Тем не менее Рылеев чувствовал этого другого так ясно, как если бы тот дышал ему прямо в лицо. Навязчивые представления овладели им. Ужасаясь и возмущаясь, Рылеев видел Лизу радостно отдающейся другому, а подробности представлений — для себя только волнующие — по отношению к невидимому сопернику казались страшным цинизмом.
Часы пробили два. Нервная городская ночь, просветлевшая до возможности отчетливо, как днем, различать предметы, торопилась изжить себя, перегорев в белых, без лучистого света, извилистых плоскостях рек и каналов.
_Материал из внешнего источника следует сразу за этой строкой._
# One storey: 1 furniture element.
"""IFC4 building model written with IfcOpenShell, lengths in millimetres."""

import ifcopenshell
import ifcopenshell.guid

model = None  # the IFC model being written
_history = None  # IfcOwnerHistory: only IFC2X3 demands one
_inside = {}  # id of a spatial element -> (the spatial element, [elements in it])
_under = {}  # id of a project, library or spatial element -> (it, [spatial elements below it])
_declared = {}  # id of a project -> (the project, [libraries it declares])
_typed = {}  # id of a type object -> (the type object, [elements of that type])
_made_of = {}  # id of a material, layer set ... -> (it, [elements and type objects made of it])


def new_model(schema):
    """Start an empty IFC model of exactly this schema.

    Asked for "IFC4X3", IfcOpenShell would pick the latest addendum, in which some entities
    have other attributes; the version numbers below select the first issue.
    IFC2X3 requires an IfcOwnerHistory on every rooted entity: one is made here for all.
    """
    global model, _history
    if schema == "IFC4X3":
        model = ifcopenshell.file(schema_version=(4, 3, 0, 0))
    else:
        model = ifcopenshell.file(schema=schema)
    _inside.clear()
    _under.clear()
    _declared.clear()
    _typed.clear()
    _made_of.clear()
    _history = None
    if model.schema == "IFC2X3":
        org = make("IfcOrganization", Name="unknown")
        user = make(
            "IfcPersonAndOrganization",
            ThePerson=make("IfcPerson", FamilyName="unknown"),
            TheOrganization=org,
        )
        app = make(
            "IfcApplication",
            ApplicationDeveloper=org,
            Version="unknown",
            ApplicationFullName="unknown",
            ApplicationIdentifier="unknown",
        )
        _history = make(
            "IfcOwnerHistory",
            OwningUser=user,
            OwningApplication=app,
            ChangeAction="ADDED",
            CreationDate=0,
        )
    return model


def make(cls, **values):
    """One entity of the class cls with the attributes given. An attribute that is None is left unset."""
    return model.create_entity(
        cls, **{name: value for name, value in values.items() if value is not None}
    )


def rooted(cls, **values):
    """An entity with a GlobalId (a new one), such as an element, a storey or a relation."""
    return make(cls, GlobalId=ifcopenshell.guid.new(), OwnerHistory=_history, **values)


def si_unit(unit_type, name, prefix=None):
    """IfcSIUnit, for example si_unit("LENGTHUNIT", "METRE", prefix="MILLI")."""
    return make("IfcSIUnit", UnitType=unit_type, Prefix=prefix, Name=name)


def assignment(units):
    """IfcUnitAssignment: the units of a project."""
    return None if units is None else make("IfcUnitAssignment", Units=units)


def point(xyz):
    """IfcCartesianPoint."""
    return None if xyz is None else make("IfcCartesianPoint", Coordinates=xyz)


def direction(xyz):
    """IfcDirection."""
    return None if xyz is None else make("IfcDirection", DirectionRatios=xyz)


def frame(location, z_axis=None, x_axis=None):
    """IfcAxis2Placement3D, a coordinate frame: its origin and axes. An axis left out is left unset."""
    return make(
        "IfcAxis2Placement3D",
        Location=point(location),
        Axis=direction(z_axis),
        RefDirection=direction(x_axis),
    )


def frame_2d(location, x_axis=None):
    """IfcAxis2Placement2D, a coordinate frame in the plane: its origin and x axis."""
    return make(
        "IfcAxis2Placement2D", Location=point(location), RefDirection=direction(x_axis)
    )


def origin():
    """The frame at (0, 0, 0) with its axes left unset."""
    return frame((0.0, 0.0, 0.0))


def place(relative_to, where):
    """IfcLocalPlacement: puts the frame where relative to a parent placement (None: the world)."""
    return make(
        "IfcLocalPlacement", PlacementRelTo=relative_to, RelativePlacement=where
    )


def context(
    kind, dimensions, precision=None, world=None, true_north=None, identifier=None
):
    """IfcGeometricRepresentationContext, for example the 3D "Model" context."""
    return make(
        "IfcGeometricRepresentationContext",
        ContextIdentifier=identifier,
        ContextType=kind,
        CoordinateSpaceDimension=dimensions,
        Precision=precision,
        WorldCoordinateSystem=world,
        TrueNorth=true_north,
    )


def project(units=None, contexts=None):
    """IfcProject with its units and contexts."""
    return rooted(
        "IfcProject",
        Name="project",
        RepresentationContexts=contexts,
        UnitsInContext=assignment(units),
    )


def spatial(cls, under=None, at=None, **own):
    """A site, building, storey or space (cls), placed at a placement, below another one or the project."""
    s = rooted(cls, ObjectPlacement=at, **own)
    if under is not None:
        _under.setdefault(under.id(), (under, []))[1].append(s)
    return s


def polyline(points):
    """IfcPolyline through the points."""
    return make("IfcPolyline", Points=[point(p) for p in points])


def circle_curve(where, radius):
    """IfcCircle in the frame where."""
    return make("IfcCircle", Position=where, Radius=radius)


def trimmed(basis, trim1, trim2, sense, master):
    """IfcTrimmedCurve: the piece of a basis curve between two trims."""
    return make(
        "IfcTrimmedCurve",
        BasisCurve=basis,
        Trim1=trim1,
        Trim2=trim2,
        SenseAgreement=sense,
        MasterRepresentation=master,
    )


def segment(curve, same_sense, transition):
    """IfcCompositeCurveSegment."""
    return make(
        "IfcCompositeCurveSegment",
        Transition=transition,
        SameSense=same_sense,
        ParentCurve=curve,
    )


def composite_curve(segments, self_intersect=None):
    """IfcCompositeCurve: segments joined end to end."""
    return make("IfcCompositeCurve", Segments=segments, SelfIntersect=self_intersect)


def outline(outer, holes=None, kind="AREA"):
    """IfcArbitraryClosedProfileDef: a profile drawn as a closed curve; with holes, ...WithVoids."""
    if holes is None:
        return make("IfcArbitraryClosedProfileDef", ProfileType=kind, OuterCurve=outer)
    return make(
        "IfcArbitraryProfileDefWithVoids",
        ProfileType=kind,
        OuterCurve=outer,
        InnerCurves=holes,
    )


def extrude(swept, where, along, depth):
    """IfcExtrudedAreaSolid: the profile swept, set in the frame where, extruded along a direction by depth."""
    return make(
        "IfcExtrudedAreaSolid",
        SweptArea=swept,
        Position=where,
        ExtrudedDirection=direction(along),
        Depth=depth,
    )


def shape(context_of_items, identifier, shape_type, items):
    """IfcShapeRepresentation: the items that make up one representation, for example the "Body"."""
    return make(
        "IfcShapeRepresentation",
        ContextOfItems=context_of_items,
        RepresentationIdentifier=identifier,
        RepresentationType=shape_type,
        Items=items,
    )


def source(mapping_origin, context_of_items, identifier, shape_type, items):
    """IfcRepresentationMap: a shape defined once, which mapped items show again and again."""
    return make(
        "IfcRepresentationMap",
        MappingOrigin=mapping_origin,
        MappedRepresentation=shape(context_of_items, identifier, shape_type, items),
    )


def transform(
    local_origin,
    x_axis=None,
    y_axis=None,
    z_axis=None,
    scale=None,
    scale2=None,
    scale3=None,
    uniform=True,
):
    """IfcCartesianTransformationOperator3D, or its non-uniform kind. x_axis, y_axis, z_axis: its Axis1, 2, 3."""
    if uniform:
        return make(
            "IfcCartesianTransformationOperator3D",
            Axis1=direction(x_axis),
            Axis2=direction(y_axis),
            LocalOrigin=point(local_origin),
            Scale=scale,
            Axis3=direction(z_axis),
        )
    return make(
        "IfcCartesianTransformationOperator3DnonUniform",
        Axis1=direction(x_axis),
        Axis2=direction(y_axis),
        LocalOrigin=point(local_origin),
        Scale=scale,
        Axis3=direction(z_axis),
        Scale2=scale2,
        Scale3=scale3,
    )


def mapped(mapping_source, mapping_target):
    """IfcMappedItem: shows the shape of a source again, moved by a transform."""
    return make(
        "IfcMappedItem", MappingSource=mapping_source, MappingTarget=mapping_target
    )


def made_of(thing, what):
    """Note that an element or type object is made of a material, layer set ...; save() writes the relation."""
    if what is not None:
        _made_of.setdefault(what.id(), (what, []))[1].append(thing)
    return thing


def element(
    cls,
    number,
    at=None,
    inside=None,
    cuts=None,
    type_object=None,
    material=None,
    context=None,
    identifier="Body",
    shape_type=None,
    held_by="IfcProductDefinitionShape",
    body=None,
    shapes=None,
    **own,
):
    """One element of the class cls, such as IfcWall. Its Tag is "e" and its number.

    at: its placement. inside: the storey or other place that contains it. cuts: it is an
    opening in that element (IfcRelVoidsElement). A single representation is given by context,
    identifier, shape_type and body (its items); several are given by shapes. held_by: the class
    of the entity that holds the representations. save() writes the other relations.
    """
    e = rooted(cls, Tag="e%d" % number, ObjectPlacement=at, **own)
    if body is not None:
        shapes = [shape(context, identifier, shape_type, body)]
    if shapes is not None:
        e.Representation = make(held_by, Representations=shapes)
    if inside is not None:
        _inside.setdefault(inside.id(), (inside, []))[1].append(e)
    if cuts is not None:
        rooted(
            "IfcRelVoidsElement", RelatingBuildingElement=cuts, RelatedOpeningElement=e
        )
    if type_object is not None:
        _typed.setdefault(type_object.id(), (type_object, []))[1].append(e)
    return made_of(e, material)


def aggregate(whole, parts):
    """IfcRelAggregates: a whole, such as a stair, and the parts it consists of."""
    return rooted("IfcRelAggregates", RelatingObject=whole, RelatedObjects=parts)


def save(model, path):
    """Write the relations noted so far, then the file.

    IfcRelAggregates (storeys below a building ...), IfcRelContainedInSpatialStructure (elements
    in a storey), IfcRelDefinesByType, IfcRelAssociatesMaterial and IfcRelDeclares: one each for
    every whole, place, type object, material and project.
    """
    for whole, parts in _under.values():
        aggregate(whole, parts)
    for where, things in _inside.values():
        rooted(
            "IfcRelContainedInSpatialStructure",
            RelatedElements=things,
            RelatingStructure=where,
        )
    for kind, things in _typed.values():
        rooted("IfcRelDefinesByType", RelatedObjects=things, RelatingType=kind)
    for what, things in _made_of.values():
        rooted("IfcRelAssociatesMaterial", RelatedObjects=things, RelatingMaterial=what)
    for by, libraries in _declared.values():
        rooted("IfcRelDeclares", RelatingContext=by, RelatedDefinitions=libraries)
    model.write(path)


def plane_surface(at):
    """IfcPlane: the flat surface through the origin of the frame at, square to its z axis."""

У Рылеева от напряжения и тоски звенело в ушах; прекратившись, звон этот раздался в углах торопливым, невнятным шепотом. Казалось, ожили к неподвижной, безглазой жизни мебель и книги, стены и занавески; все, что находилось здесь, потянулось друг к другу, шепчась секретно, меланхолически, шепотом наполняя воздух, и даже воздух, не вынося бессонных человеческих глаз, беззвучно шептал тенями странных слов крики, мольбы, угрозы, нежные клятвы, предостережения, жалобы. Погруженный в их торопливый мир, Рылеев сидел долго, опустив голову. Все уже передумал он; а все вертелась по огненному кругу мысль, одна и та же, об одном и том же, пока не стало ясным совсем, что не может быть примирения, что жить без Лизы он не может и не хочет.
Рылеев вырос в той думающей готовыми, приличными и культурными мыслями среде, которую принято называть интеллигенцией. В среде этой по отношению к любви господствовал умный, бесполый на нее взгляд: признавалось, что чувство любви свободно; что уважать свободу любви необходимо, если уважаешь человеческую личность; что тот, кого разлюбили, должен отнестись к этому внешне спокойно, не ревновать и не стараться силой ли, хитростью или страстью завоевать вновь потерянные отношения. Однако самоубийство не то что допускалось, а смотрели на него сквозь пальцы: «Неумный это был человек — и погиб». Ревность же, действительный признак силы и глубины любви, старались выставить стадным, животным пережитком. Так же относился ко всему этому и Рылеев; не раз слушая нежные голоса, твердившие беззвучно ему о возвышенности его любви, думал он, что, если возлюбленная его полюбит другого, не станет он мешать ее счастью, а отойдет и будет велик жертвой своей и, молча страдая, полюбит любовь к другому.
Все это исчезло, как будто и не было его никогда.
«Моя!» — твердила закипавшая кровь, а интеллигент в Рылееве, отойдя к сторонке, стоял растерянно. «Не может быть иначе, не будет этого, я не хочу!» — сказал Рылеев и тут же подумал, что у соперника должны быть насмешливые глаза; глаза эти издалека смотрели на него, обвеянные женской страстью.
В комнате, от падающих из-за реки и бледных, но уже веселых лучей было совсем по-дневному. Успокоенный главным решением, принятым бессознательно еще в библиотеке, бросившим его случаю и человеческой воле, Рылеев тяжело задремал.
Проснувшись с горьким вкусом во рту и сразу же, по воспоминании о происшедшем, возбуждаясь так, что похолодели руки, он увидел пустую кровать Гоголева, часовую стрелку на двух и тепленький самовар.